[Stored data]
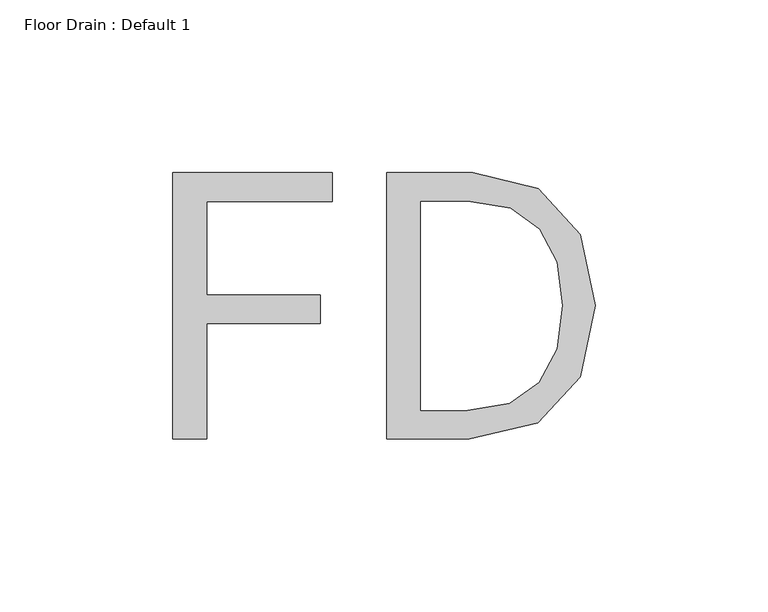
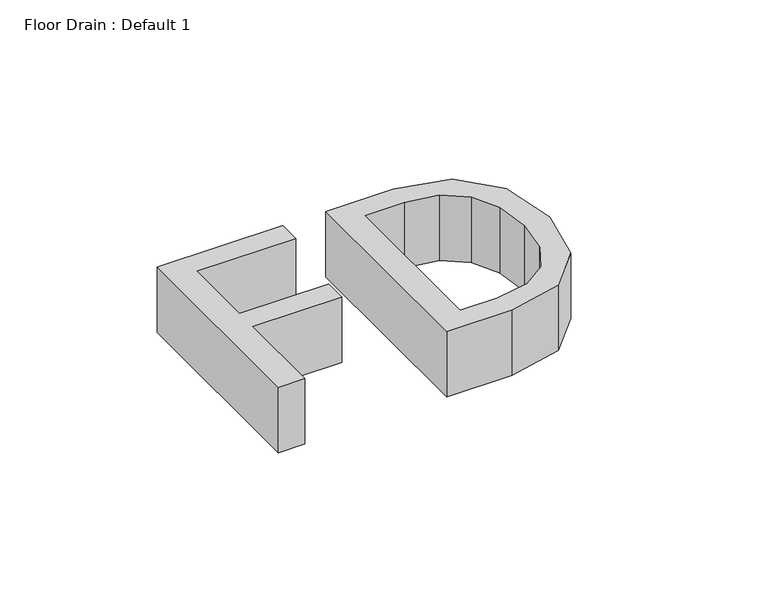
"""IFC4 building model written with IfcOpenShell, lengths in millimetres: proxy geometry, Floor Drain : Default 1."""

import ifcopenshell
import ifcopenshell.guid

model = None  # the IFC model being written
_history = None  # IfcOwnerHistory: only IFC2X3 demands one
_inside = {}  # id of a spatial element -> (the spatial element, [elements in it])
_under = {}  # id of a project, library or spatial element -> (it, [spatial elements below it])
_declared = {}  # id of a project -> (the project, [libraries it declares])
_typed = {}  # id of a type object -> (the type object, [elements of that type])
_made_of = {}  # id of a material, layer set ... -> (it, [elements and type objects made of it])


def new_model(schema):
    """Start an empty IFC model of exactly this schema.

    Asked for "IFC4X3", IfcOpenShell would pick the latest addendum, in which some entities
    have other attributes; the version numbers below select the first issue.
    IFC2X3 requires an IfcOwnerHistory on every rooted entity: one is made here for all.
    """
    global model, _history
    if schema == "IFC4X3":
        model = ifcopenshell.file(schema_version=(4, 3, 0, 0))
    else:
        model = ifcopenshell.file(schema=schema)
    _inside.clear()
    _under.clear()
    _declared.clear()
    _typed.clear()
    _made_of.clear()
    _history = None
    if model.schema == "IFC2X3":
        org = make("IfcOrganization", Name="unknown")
        user = make(
            "IfcPersonAndOrganization",
            ThePerson=make("IfcPerson", FamilyName="unknown"),
            TheOrganization=org,
        )
        app = make(
            "IfcApplication",
            ApplicationDeveloper=org,
            Version="unknown",
            ApplicationFullName="unknown",
            ApplicationIdentifier="unknown",
        )
        _history = make(
            "IfcOwnerHistory",
            OwningUser=user,
            OwningApplication=app,
            ChangeAction="ADDED",
            CreationDate=0,
        )
    return model


def make(cls, **values):
    """One entity of the class cls with the attributes given. An attribute that is None is left unset."""
    return model.create_entity(
        cls, **{name: value for name, value in values.items() if value is not None}
    )


def rooted(cls, **values):
    """An entity with a GlobalId (a new one), such as an element, a storey or a relation."""
    return make(cls, GlobalId=ifcopenshell.guid.new(), OwnerHistory=_history, **values)


def si_unit(unit_type, name, prefix=None):
    """IfcSIUnit, for example si_unit("LENGTHUNIT", "METRE", prefix="MILLI")."""
    return make("IfcSIUnit", UnitType=unit_type, Prefix=prefix, Name=name)


def assignment(units):
    """IfcUnitAssignment: the units of a project."""
    return None if units is None else make("IfcUnitAssignment", Units=units)


def point(xyz):
    """IfcCartesianPoint."""
    return None if xyz is None else make("IfcCartesianPoint", Coordinates=xyz)


def direction(xyz):
    """IfcDirection."""
    return None if xyz is None else make("IfcDirection", DirectionRatios=xyz)


def frame(location, z_axis=None, x_axis=None):
    """IfcAxis2Placement3D, a coordinate frame: its origin and axes. An axis left out is left unset."""
    return make(
        "IfcAxis2Placement3D",
        Location=point(location),
        Axis=direction(z_axis),
        RefDirection=direction(x_axis),
    )


def origin():
    """The frame at (0, 0, 0) with its axes left unset."""
    return frame((0.0, 0.0, 0.0))


def origin_with_axes():
    """The frame at (0, 0, 0) with the z axis (0, 0, 1) and the x axis (1, 0, 0) written out."""
    return frame((0.0, 0.0, 0.0), z_axis=(0.0, 0.0, 1.0), x_axis=(1.0, 0.0, 0.0))


def place(relative_to, where):
    """IfcLocalPlacement: puts the frame where relative to a parent placement (None: the world)."""
    return make(
        "IfcLocalPlacement", PlacementRelTo=relative_to, RelativePlacement=where
    )


def context(
    kind, dimensions, precision=None, world=None, true_north=None, identifier=None
):
    """IfcGeometricRepresentationContext, for example the 3D "Model" context."""
    return make(
        "IfcGeometricRepresentationContext",
        ContextIdentifier=identifier,
        ContextType=kind,
        CoordinateSpaceDimension=dimensions,
        Precision=precision,
        WorldCoordinateSystem=world,
        TrueNorth=true_north,
    )


def project(units=None, contexts=None):
    """IfcProject with its units and contexts."""
    return rooted(
        "IfcProject",
        Name="project",
        RepresentationContexts=contexts,
        UnitsInContext=assignment(units),
    )


def spatial(cls, under=None, at=None, **own):
    """A site, building, storey or space (cls), placed at a placement, below another one or the project."""
    s = rooted(cls, ObjectPlacement=at, **own)
    if under is not None:
        _under.setdefault(under.id(), (under, []))[1].append(s)
    return s


def polyline(points):
    """IfcPolyline through the points."""
    return make("IfcPolyline", Points=[point(p) for p in points])


def outline(outer, holes=None, kind="AREA"):
    """IfcArbitraryClosedProfileDef: a profile drawn as a closed curve; with holes, ...WithVoids."""
    if holes is None:
        return make("IfcArbitraryClosedProfileDef", ProfileType=kind, OuterCurve=outer)
    return make(
        "IfcArbitraryProfileDefWithVoids",
        ProfileType=kind,
        OuterCurve=outer,
        InnerCurves=holes,
    )


def extrude(swept, where, along, depth):
    """IfcExtrudedAreaSolid: the profile swept, set in the frame where, extruded along a direction by depth."""
    return make(
        "IfcExtrudedAreaSolid",
        SweptArea=swept,
        Position=where,
        ExtrudedDirection=direction(along),
        Depth=depth,
    )


def shape(context_of_items, identifier, shape_type, items):
    """IfcShapeRepresentation: the items that make up one representation, for example the "Body"."""
    return make(
        "IfcShapeRepresentation",
        ContextOfItems=context_of_items,
        RepresentationIdentifier=identifier,
        RepresentationType=shape_type,
        Items=items,
    )


def source(mapping_origin, context_of_items, identifier, shape_type, items):
    """IfcRepresentationMap: a shape defined once, which mapped items show again and again."""
    return make(
        "IfcRepresentationMap",
        MappingOrigin=mapping_origin,
        MappedRepresentation=shape(context_of_items, identifier, shape_type, items),
    )


def transform(
    local_origin,
    x_axis=None,
    y_axis=None,
    z_axis=None,
    scale=None,
    scale2=None,
    scale3=None,
    uniform=True,
):
    """IfcCartesianTransformationOperator3D, or its non-uniform kind. x_axis, y_axis, z_axis: its Axis1, 2, 3."""
    if uniform:
        return make(
            "IfcCartesianTransformationOperator3D",
            Axis1=direction(x_axis),
            Axis2=direction(y_axis),
            LocalOrigin=point(local_origin),
            Scale=scale,
            Axis3=direction(z_axis),
        )
    return make(
        "IfcCartesianTransformationOperator3DnonUniform",
        Axis1=direction(x_axis),
        Axis2=direction(y_axis),
        LocalOrigin=point(local_origin),
        Scale=scale,
        Axis3=direction(z_axis),
        Scale2=scale2,
        Scale3=scale3,
    )


def mapped(mapping_source, mapping_target):
    """IfcMappedItem: shows the shape of a source again, moved by a transform."""
    return make(
        "IfcMappedItem", MappingSource=mapping_source, MappingTarget=mapping_target
    )


def made_of(thing, what):
    """Note that an element or type object is made of a material, layer set ...; save() writes the relation."""
    if what is not None:
        _made_of.setdefault(what.id(), (what, []))[1].append(thing)
    return thing


def element(
    cls,
    number,
    at=None,
    inside=None,
    cuts=None,
    type_object=None,
    material=None,
    context=None,
    identifier="Body",
    shape_type=None,
    held_by="IfcProductDefinitionShape",
    body=None,
    shapes=None,
    **own,
):
    """One element of the class cls, such as IfcWall. Its Tag is "e" and its number.

    at: its placement. inside: the storey or other place that contains it. cuts: it is an
    opening in that element (IfcRelVoidsElement). A single representation is given by context,
    identifier, shape_type and body (its items); several are given by shapes. held_by: the class
    of the entity that holds the representations. save() writes the other relations.
    """
    e = rooted(cls, Tag="e%d" % number, ObjectPlacement=at, **own)
    if body is not None:
        shapes = [shape(context, identifier, shape_type, body)]
    if shapes is not None:
        e.Representation = make(held_by, Representations=shapes)
    if inside is not None:
        _inside.setdefault(inside.id(), (inside, []))[1].append(e)
    if cuts is not None:
        rooted(
            "IfcRelVoidsElement", RelatingBuildingElement=cuts, RelatedOpeningElement=e
        )
    if type_object is not None:
        _typed.setdefault(type_object.id(), (type_object, []))[1].append(e)
    return made_of(e, material)


def aggregate(whole, parts):
    """IfcRelAggregates: a whole, such as a stair, and the parts it consists of."""
    return rooted("IfcRelAggregates", RelatingObject=whole, RelatedObjects=parts)


def save(model, path):
    """Write the relations noted so far, then the file.

    IfcRelAggregates (storeys below a building ...), IfcRelContainedInSpatialStructure (elements
    in a storey), IfcRelDefinesByType, IfcRelAssociatesMaterial and IfcRelDeclares: one each for
    every whole, place, type object, material and project.
    """
    for whole, parts in _under.values():
        aggregate(whole, parts)
    for where, things in _inside.values():
        rooted(
            "IfcRelContainedInSpatialStructure",
            RelatedElements=things,
            RelatingStructure=where,
        )
    for kind, things in _typed.values():
        rooted("IfcRelDefinesByType", RelatedObjects=things, RelatingType=kind)
    for what, things in _made_of.values():
        rooted("IfcRelAssociatesMaterial", RelatedObjects=things, RelatingMaterial=what)
    for by, libraries in _declared.values():
        rooted("IfcRelDeclares", RelatingContext=by, RelatedDefinitions=libraries)
    model.write(path)


def floor_drain_default_1_1623d9fd(model_context):
    return source(origin(), model_context, "Body", "SweptSolid", [
        extrude(outline(polyline([(138.3632209, -41.2449171), (138.3632209, 35.7292608), (184.4412572, 35.7292608), (184.4412572, 27.4679441), (148.0835769, 27.4679441), (148.0835769, 0.3968513), (180.9513931, 0.3968513), (180.9513931, -7.8644655), (148.0835769, -7.8644655), (148.0835769, -41.2449171), (138.3632209, -41.2449171)])), origin_with_axes(), (0.0, 0.0, 1.0), 25.4),
        extrude(outline(polyline([(223.9733337, -41.2449171), (200.1949376, -41.2449171), (200.1949376, 35.7292608), (224.9394543, 35.7292608), (243.9956897, 31.1352589), (256.1116303, 17.9348972), (260.3310141, -2.6000942), (256.0919136, -23.2928195), (243.7196552, -36.591765), (223.9733337, -41.2449171)]), holes=[polyline([(209.9152935, -32.9836004), (223.3621146, -32.9836004), (235.4953074, -30.9601693), (244.0942734, -24.889876), (249.2181629, -15.2705683), (250.926126, -2.6000942), (249.2502026, 9.9693316), (244.2224323, 19.4826618), (235.8871777, 25.4716235), (224.2888017, 27.4679441), (209.9152935, 27.4679441), (209.9152935, -32.9836004)])]), origin_with_axes(), (0.0, 0.0, 1.0), 25.4),
    ])


if __name__ == "__main__":
    model = new_model("IFC4")
    model_context = context("Model", 3, world=origin())
    ifc_project = project(units=[si_unit("LENGTHUNIT", "METRE", prefix="MILLI")], contexts=[model_context])
    site = spatial("IfcSite", under=ifc_project)
    building = spatial("IfcBuilding", under=site)
    placement = place(None, origin())
    floor_drain_default_1_shape = floor_drain_default_1_1623d9fd(model_context)
    element("IfcBuildingElementProxy", 1, Name="Floor Drain : Default 1", ObjectType="Floor Drain : Default 1", at=placement, inside=building, context=model_context, shape_type="MappedRepresentation", body=[
        mapped(floor_drain_default_1_shape, transform((0.0, 0.0, 0.0), x_axis=(1.0, 0.0, 0.0), y_axis=(0.0, 1.0, 0.0), z_axis=(0.0, 0.0, 1.0))),
    ])
    save(model, "model.ifc")

Requirement - The answer must be a single number: the count of lines in the entries above that contain "example".

Your response - 3